In science fiction, you can’t shake a tree without a robot designed to mimic a human falling out. From Data on Star Trek to the Terminator to Cylons in Battlestar Galactica, we really love the idea of making things in our own image. Also, it just makes for cheaper special effects if you cast a human and say it’s a robot. It was inevitable that real life would also walk down the humanoid robot path. And so far what we’ve come up with is off putting at best.

While there are a handful of rigid robots designed in the shape of a human, only soft robotics could get to the point where the words “slightly sweaty” come into play to describe how it looks. Japanese researchers have made a soft robot finger and covered it in skin. Real, living tissue. 

Because the tissue is alive, the robot can heal itself from damage. The belief behind the design is that, if a robot is more lifelike, people will interact with it more easily.
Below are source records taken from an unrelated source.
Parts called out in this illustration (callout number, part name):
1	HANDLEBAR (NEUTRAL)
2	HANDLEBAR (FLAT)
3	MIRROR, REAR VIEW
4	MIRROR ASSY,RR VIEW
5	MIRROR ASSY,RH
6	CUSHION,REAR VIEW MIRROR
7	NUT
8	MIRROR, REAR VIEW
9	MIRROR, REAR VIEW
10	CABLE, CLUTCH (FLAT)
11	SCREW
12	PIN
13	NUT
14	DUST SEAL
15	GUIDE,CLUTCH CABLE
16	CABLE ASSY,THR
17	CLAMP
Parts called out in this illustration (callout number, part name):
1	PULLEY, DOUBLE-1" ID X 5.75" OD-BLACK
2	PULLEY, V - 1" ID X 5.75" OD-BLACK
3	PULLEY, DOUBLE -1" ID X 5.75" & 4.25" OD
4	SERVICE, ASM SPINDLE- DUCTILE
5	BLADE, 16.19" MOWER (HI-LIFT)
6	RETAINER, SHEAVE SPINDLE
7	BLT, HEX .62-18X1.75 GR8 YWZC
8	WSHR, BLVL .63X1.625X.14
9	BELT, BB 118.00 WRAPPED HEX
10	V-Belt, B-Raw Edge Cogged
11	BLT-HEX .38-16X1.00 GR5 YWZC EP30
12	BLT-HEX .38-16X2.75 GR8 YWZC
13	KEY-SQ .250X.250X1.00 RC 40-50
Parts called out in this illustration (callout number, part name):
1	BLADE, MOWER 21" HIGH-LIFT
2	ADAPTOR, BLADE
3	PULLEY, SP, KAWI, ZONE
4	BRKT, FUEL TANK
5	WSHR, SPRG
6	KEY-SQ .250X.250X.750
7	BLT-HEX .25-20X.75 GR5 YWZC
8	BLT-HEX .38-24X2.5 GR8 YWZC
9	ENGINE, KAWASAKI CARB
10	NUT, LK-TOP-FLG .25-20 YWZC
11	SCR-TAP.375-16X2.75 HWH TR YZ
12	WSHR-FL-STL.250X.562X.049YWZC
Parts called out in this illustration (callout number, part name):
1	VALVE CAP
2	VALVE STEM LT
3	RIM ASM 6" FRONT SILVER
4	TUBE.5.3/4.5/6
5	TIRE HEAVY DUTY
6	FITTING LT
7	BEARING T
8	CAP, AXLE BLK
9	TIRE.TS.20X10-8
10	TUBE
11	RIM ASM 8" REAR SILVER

This could be crucial in healthcare settings or other situations in which someone needs to rely on a robot. 

The skin has to be kept moist, so it doesn’t dry out since the finger isn’t attached to anything and there’s no circulatory system. They also acknowledged that it moves in a very mechanical way. No one broached the top of how it would look on a robot face, or what would happen if a skin-covered robot got some kind of infection and its face rotted off. 

In the future, the plans are to build on the foundation by giving it a fingernail, sweat glands and hair follicles. Then, maybe someday, it’ll graduate to a full hand.